%%

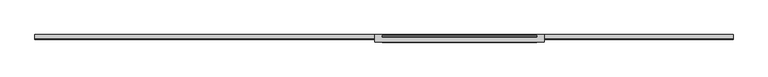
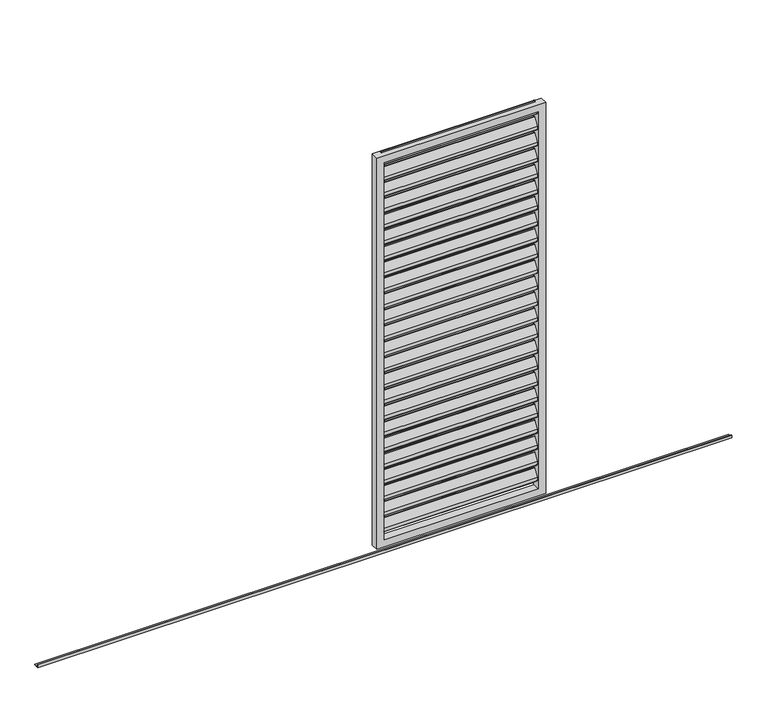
"""IFC4 building model written with IfcOpenShell, lengths in millimetres: proxy geometry, Renson_Amani_Loggia_Paro_Aluminium_Sliding : Renson_Amani_Loggia_Paro_Aluminium_Sliding."""

from ifc_helpers import new_model, si_unit, point, frame, frame_2d, origin, place, context, project, spatial, polyline, circle_curve, trimmed, segment, composite_curve, outline, extrude, source, transform, mapped, element, save


def generic_models_f3fb5b0b(model_context):
    return source(origin(), model_context, "Body", "SweptSolid", [
        extrude(outline(composite_curve([segment(trimmed(circle_curve(frame_2d((12.6675921, 2252.6587719)), 3.0), [point((10.1515804, 2254.292689))], [point((15.6675921, 2252.6587719))], False, "CARTESIAN"), True, "CONTINUOUS"), segment(polyline([(15.6675921, 2252.6587719), (15.6675921, 2234.2979873)]), True, "CONTINUOUS"), segment(trimmed(circle_curve(frame_2d((12.6675921, 2234.2979873)), 3.0), [point((15.6675921, 2234.2979873))], [point((15.1836038, 2232.6640702))], False, "CARTESIAN"), True, "CONTINUOUS"), segment(polyline([(15.1836038, 2232.6640702), (-8.8163962, 2195.707311)]), True, "CONTINUOUS"), segment(trimmed(circle_curve(frame_2d((-11.3324079, 2197.3412281)), 3.0), [point((-8.8163962, 2195.707311))], [point((-14.3324079, 2197.3412281))], False, "CARTESIAN"), True, "CONTINUOUS"), segment(polyline([(-14.3324079, 2197.3412281), (-14.3324079, 2216.5906532), (10.1515804, 2254.292689)]), True, "CONTINUOUS")], self_intersect=False)), frame((-410.0, 0.0, 0.0), z_axis=(1.0, 0.0, 0.0), x_axis=(0.0, 1.0, 0.0)), (0.0, 0.0, 1.0), 820.0),
        extrude(outline(composite_curve([segment(trimmed(circle_curve(frame_2d((12.6675921, 2162.6587719)), 3.0), [point((10.1515804, 2164.292689))], [point((15.6675921, 2162.6587719))], False, "CARTESIAN"), True, "CONTINUOUS"), segment(polyline([(15.6675921, 2162.6587719), (15.6675921, 2144.2979873)]), True, "CONTINUOUS"), segment(trimmed(circle_curve(frame_2d((12.6675921, 2144.2979873)), 3.0), [point((15.6675921, 2144.2979873))], [point((15.1836038, 2142.6640702))], False, "CARTESIAN"), True, "CONTINUOUS"), segment(polyline([(15.1836038, 2142.6640702), (-8.8163962, 2105.707311)]), True, "CONTINUOUS"), segment(trimmed(circle_curve(frame_2d((-11.3324079, 2107.3412281)), 3.0), [point((-8.8163962, 2105.707311))], [point((-14.3324079, 2107.3412281))], False, "CARTESIAN"), True, "CONTINUOUS"), segment(polyline([(-14.3324079, 2107.3412281), (-14.3324079, 2126.5906532), (10.1515804, 2164.292689)]), True, "CONTINUOUS")], self_intersect=False)), frame((-410.0, 0.0, 0.0), z_axis=(1.0, 0.0, 0.0), x_axis=(0.0, 1.0, 0.0)), (0.0, 0.0, 1.0), 820.0),
        extrude(outline(composite_curve([segment(trimmed(circle_curve(frame_2d((12.6675921, 2072.6587719)), 3.0), [point((10.1515804, 2074.292689))], [point((15.6675921, 2072.6587719))], False, "CARTESIAN"), True, "CONTINUOUS"), segment(polyline([(15.6675921, 2072.6587719), (15.6675921, 2054.2979873)]), True, "CONTINUOUS"), segment(trimmed(circle_curve(frame_2d((12.6675921, 2054.2979873)), 3.0), [point((15.6675921, 2054.2979873))], [point((15.1836038, 2052.6640702))], False, "CARTESIAN"), True, "CONTINUOUS"), segment(polyline([(15.1836038, 2052.6640702), (-8.8163962, 2015.707311)]), True, "CONTINUOUS"), segment(trimmed(circle_curve(frame_2d((-11.3324079, 2017.3412281)), 3.0), [point((-8.8163962, 2015.707311))], [point((-14.3324079, 2017.3412281))], False, "CARTESIAN"), True, "CONTINUOUS"), segment(polyline([(-14.3324079, 2017.3412281), (-14.3324079, 2036.5906532), (10.1515804, 2074.292689)]), True, "CONTINUOUS")], self_intersect=False)), frame((-410.0, 0.0, 0.0), z_axis=(1.0, 0.0, 0.0), x_axis=(0.0, 1.0, 0.0)), (0.0, 0.0, 1.0), 820.0),
        extrude(outline(composite_curve([segment(trimmed(circle_curve(frame_2d((12.6675921, 1982.6587719)), 3.0), [point((10.1515804, 1984.292689))], [point((15.6675921, 1982.6587719))], False, "CARTESIAN"), True, "CONTINUOUS"), segment(polyline([(15.6675921, 1982.6587719), (15.6675921, 1964.2979873)]), True, "CONTINUOUS"), segment(trimmed(circle_curve(frame_2d((12.6675921, 1964.2979873)), 3.0), [point((15.6675921, 1964.2979873))], [point((15.1836038, 1962.6640702))], False, "CARTESIAN"), True, "CONTINUOUS"), segment(polyline([(15.1836038, 1962.6640702), (-8.8163962, 1925.707311)]), True, "CONTINUOUS"), segment(trimmed(circle_curve(frame_2d((-11.3324079, 1927.3412281)), 3.0), [point((-8.8163962, 1925.707311))], [point((-14.3324079, 1927.3412281))], False, "CARTESIAN"), True, "CONTINUOUS"), segment(polyline([(-14.3324079, 1927.3412281), (-14.3324079, 1946.5906532), (10.1515804, 1984.292689)]), True, "CONTINUOUS")], self_intersect=False)), frame((-410.0, 0.0, 0.0), z_axis=(1.0, 0.0, 0.0), x_axis=(0.0, 1.0, 0.0)), (0.0, 0.0, 1.0), 820.0),
        extrude(outline(composite_curve([segment(trimmed(circle_curve(frame_2d((12.6675921, 1892.6587719)), 3.0), [point((10.1515804, 1894.292689))], [point((15.6675921, 1892.6587719))], False, "CARTESIAN"), True, "CONTINUOUS"), segment(polyline([(15.6675921, 1892.6587719), (15.6675921, 1874.2979873)]), True, "CONTINUOUS"), segment(trimmed(circle_curve(frame_2d((12.6675921, 1874.2979873)), 3.0), [point((15.6675921, 1874.2979873))], [point((15.1836038, 1872.6640702))], False, "CARTESIAN"), True, "CONTINUOUS"), segment(polyline([(15.1836038, 1872.6640702), (-8.8163962, 1835.707311)]), True, "CONTINUOUS"), segment(trimmed(circle_curve(frame_2d((-11.3324079, 1837.3412281)), 3.0), [point((-8.8163962, 1835.707311))], [point((-14.3324079, 1837.3412281))], False, "CARTESIAN"), True, "CONTINUOUS"), segment(polyline([(-14.3324079, 1837.3412281), (-14.3324079, 1856.5906532), (10.1515804, 1894.292689)]), True, "CONTINUOUS")], self_intersect=False)), frame((-410.0, 0.0, 0.0), z_axis=(1.0, 0.0, 0.0), x_axis=(0.0, 1.0, 0.0)), (0.0, 0.0, 1.0), 820.0),
        extrude(outline(composite_curve([segment(trimmed(circle_curve(frame_2d((12.6675921, 1802.6587719)), 3.0), [point((10.1515804, 1804.292689))], [point((15.6675921, 1802.6587719))], False, "CARTESIAN"), True, "CONTINUOUS"), segment(polyline([(15.6675921, 1802.6587719), (15.6675921, 1784.2979873)]), True, "CONTINUOUS"), segment(trimmed(circle_curve(frame_2d((12.6675921, 1784.2979873)), 3.0), [point((15.6675921, 1784.2979873))], [point((15.1836038, 1782.6640702))], False, "CARTESIAN"), True, "CONTINUOUS"), segment(polyline([(15.1836038, 1782.6640702), (-8.8163962, 1745.707311)]), True, "CONTINUOUS"), segment(trimmed(circle_curve(frame_2d((-11.3324079, 1747.3412281)), 3.0), [point((-8.8163962, 1745.707311))], [point((-14.3324079, 1747.3412281))], False, "CARTESIAN"), True, "CONTINUOUS"), segment(polyline([(-14.3324079, 1747.3412281), (-14.3324079, 1766.5906532), (10.1515804, 1804.292689)]), True, "CONTINUOUS")], self_intersect=False)), frame((-410.0, 0.0, 0.0), z_axis=(1.0, 0.0, 0.0), x_axis=(0.0, 1.0, 0.0)), (0.0, 0.0, 1.0), 820.0),
        extrude(outline(composite_curve([segment(trimmed(circle_curve(frame_2d((12.6675921, 1712.6587719)), 3.0), [point((10.1515804, 1714.292689))], [point((15.6675921, 1712.6587719))], False, "CARTESIAN"), True, "CONTINUOUS"), segment(polyline([(15.6675921, 1712.6587719), (15.6675921, 1694.2979873)]), True, "CONTINUOUS"), segment(trimmed(circle_curve(frame_2d((12.6675921, 1694.2979873)), 3.0), [point((15.6675921, 1694.2979873))], [point((15.1836038, 1692.6640702))], False, "CARTESIAN"), True, "CONTINUOUS"), segment(polyline([(15.1836038, 1692.6640702), (-8.8163962, 1655.707311)]), True, "CONTINUOUS"), segment(trimmed(circle_curve(frame_2d((-11.3324079, 1657.3412281)), 3.0), [point((-8.8163962, 1655.707311))], [point((-14.3324079, 1657.3412281))], False, "CARTESIAN"), True, "CONTINUOUS"), segment(polyline([(-14.3324079, 1657.3412281), (-14.3324079, 1676.5906532), (10.1515804, 1714.292689)]), True, "CONTINUOUS")], self_intersect=False)), frame((-410.0, 0.0, 0.0), z_axis=(1.0, 0.0, 0.0), x_axis=(0.0, 1.0, 0.0)), (0.0, 0.0, 1.0), 820.0),
        extrude(outline(composite_curve([segment(trimmed(circle_curve(frame_2d((12.6675921, 1622.6587719)), 3.0), [point((10.1515804, 1624.292689))], [point((15.6675921, 1622.6587719))], False, "CARTESIAN"), True, "CONTINUOUS"), segment(polyline([(15.6675921, 1622.6587719), (15.6675921, 1604.2979873)]), True, "CONTINUOUS"), segment(trimmed(circle_curve(frame_2d((12.6675921, 1604.2979873)), 3.0), [point((15.6675921, 1604.2979873))], [point((15.1836038, 1602.6640702))], False, "CARTESIAN"), True, "CONTINUOUS"), segment(polyline([(15.1836038, 1602.6640702), (-8.8163962, 1565.707311)]), True, "CONTINUOUS"), segment(trimmed(circle_curve(frame_2d((-11.3324079, 1567.3412281)), 3.0), [point((-8.8163962, 1565.707311))], [point((-14.3324079, 1567.3412281))], False, "CARTESIAN"), True, "CONTINUOUS"), segment(polyline([(-14.3324079, 1567.3412281), (-14.3324079, 1586.5906532), (10.1515804, 1624.292689)]), True, "CONTINUOUS")], self_intersect=False)), frame((-410.0, 0.0, 0.0), z_axis=(1.0, 0.0, 0.0), x_axis=(0.0, 1.0, 0.0)), (0.0, 0.0, 1.0), 820.0),
        extrude(outline(composite_curve([segment(trimmed(circle_curve(frame_2d((12.6675921, 1532.6587719)), 3.0), [point((10.1515804, 1534.292689))], [point((15.6675921, 1532.6587719))], False, "CARTESIAN"), True, "CONTINUOUS"), segment(polyline([(15.6675921, 1532.6587719), (15.6675921, 1514.2979873)]), True, "CONTINUOUS"), segment(trimmed(circle_curve(frame_2d((12.6675921, 1514.2979873)), 3.0), [point((15.6675921, 1514.2979873))], [point((15.1836038, 1512.6640702))], False, "CARTESIAN"), True, "CONTINUOUS"), segment(polyline([(15.1836038, 1512.6640702), (-8.8163962, 1475.707311)]), True, "CONTINUOUS"), segment(trimmed(circle_curve(frame_2d((-11.3324079, 1477.3412281)), 3.0), [point((-8.8163962, 1475.707311))], [point((-14.3324079, 1477.3412281))], False, "CARTESIAN"), True, "CONTINUOUS"), segment(polyline([(-14.3324079, 1477.3412281), (-14.3324079, 1496.5906532), (10.1515804, 1534.292689)]), True, "CONTINUOUS")], self_intersect=False)), frame((-410.0, 0.0, 0.0), z_axis=(1.0, 0.0, 0.0), x_axis=(0.0, 1.0, 0.0)), (0.0, 0.0, 1.0), 820.0),
        extrude(outline(composite_curve([segment(trimmed(circle_curve(frame_2d((12.6675921, 1442.6587719)), 3.0), [point((10.1515804, 1444.292689))], [point((15.6675921, 1442.6587719))], False, "CARTESIAN"), True, "CONTINUOUS"), segment(polyline([(15.6675921, 1442.6587719), (15.6675921, 1424.2979873)]), True, "CONTINUOUS"), segment(trimmed(circle_curve(frame_2d((12.6675921, 1424.2979873)), 3.0), [point((15.6675921, 1424.2979873))], [point((15.1836038, 1422.6640702))], False, "CARTESIAN"), True, "CONTINUOUS"), segment(polyline([(15.1836038, 1422.6640702), (-8.8163962, 1385.707311)]), True, "CONTINUOUS"), segment(trimmed(circle_curve(frame_2d((-11.3324079, 1387.3412281)), 3.0), [point((-8.8163962, 1385.707311))], [point((-14.3324079, 1387.3412281))], False, "CARTESIAN"), True, "CONTINUOUS"), segment(polyline([(-14.3324079, 1387.3412281), (-14.3324079, 1406.5906532), (10.1515804, 1444.292689)]), True, "CONTINUOUS")], self_intersect=False)), frame((-410.0, 0.0, 0.0), z_axis=(1.0, 0.0, 0.0), x_axis=(0.0, 1.0, 0.0)), (0.0, 0.0, 1.0), 820.0),
        extrude(outline(composite_curve([segment(trimmed(circle_curve(frame_2d((12.6675921, 1352.6587719)), 3.0), [point((10.1515804, 1354.292689))], [point((15.6675921, 1352.6587719))], False, "CARTESIAN"), True, "CONTINUOUS"), segment(polyline([(15.6675921, 1352.6587719), (15.6675921, 1334.2979873)]), True, "CONTINUOUS"), segment(trimmed(circle_curve(frame_2d((12.6675921, 1334.2979873)), 3.0), [point((15.6675921, 1334.2979873))], [point((15.1836038, 1332.6640702))], False, "CARTESIAN"), True, "CONTINUOUS"), segment(polyline([(15.1836038, 1332.6640702), (-8.8163962, 1295.707311)]), True, "CONTINUOUS"), segment(trimmed(circle_curve(frame_2d((-11.3324079, 1297.3412281)), 3.0), [point((-8.8163962, 1295.707311))], [point((-14.3324079, 1297.3412281))], False, "CARTESIAN"), True, "CONTINUOUS"), segment(polyline([(-14.3324079, 1297.3412281), (-14.3324079, 1316.5906532), (10.1515804, 1354.292689)]), True, "CONTINUOUS")], self_intersect=False)), frame((-410.0, 0.0, 0.0), z_axis=(1.0, 0.0, 0.0), x_axis=(0.0, 1.0, 0.0)), (0.0, 0.0, 1.0), 820.0),
        extrude(outline(composite_curve([segment(trimmed(circle_curve(frame_2d((12.6675921, 1262.6587719)), 3.0), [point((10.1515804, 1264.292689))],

%%

### WORK TASK
Scan the entries above and copy each line where "origin" occurs.

### ANSWER SECTION
from ifc_helpers import new_model, si_unit, point, frame, frame_2d, origin, place, context, project, spatial, polyline, circle_curve, trimmed, segment, composite_curve, outline, extrude, source, transform, mapped, element, save
    return source(origin(), model_context, "Body", "SweptSolid", [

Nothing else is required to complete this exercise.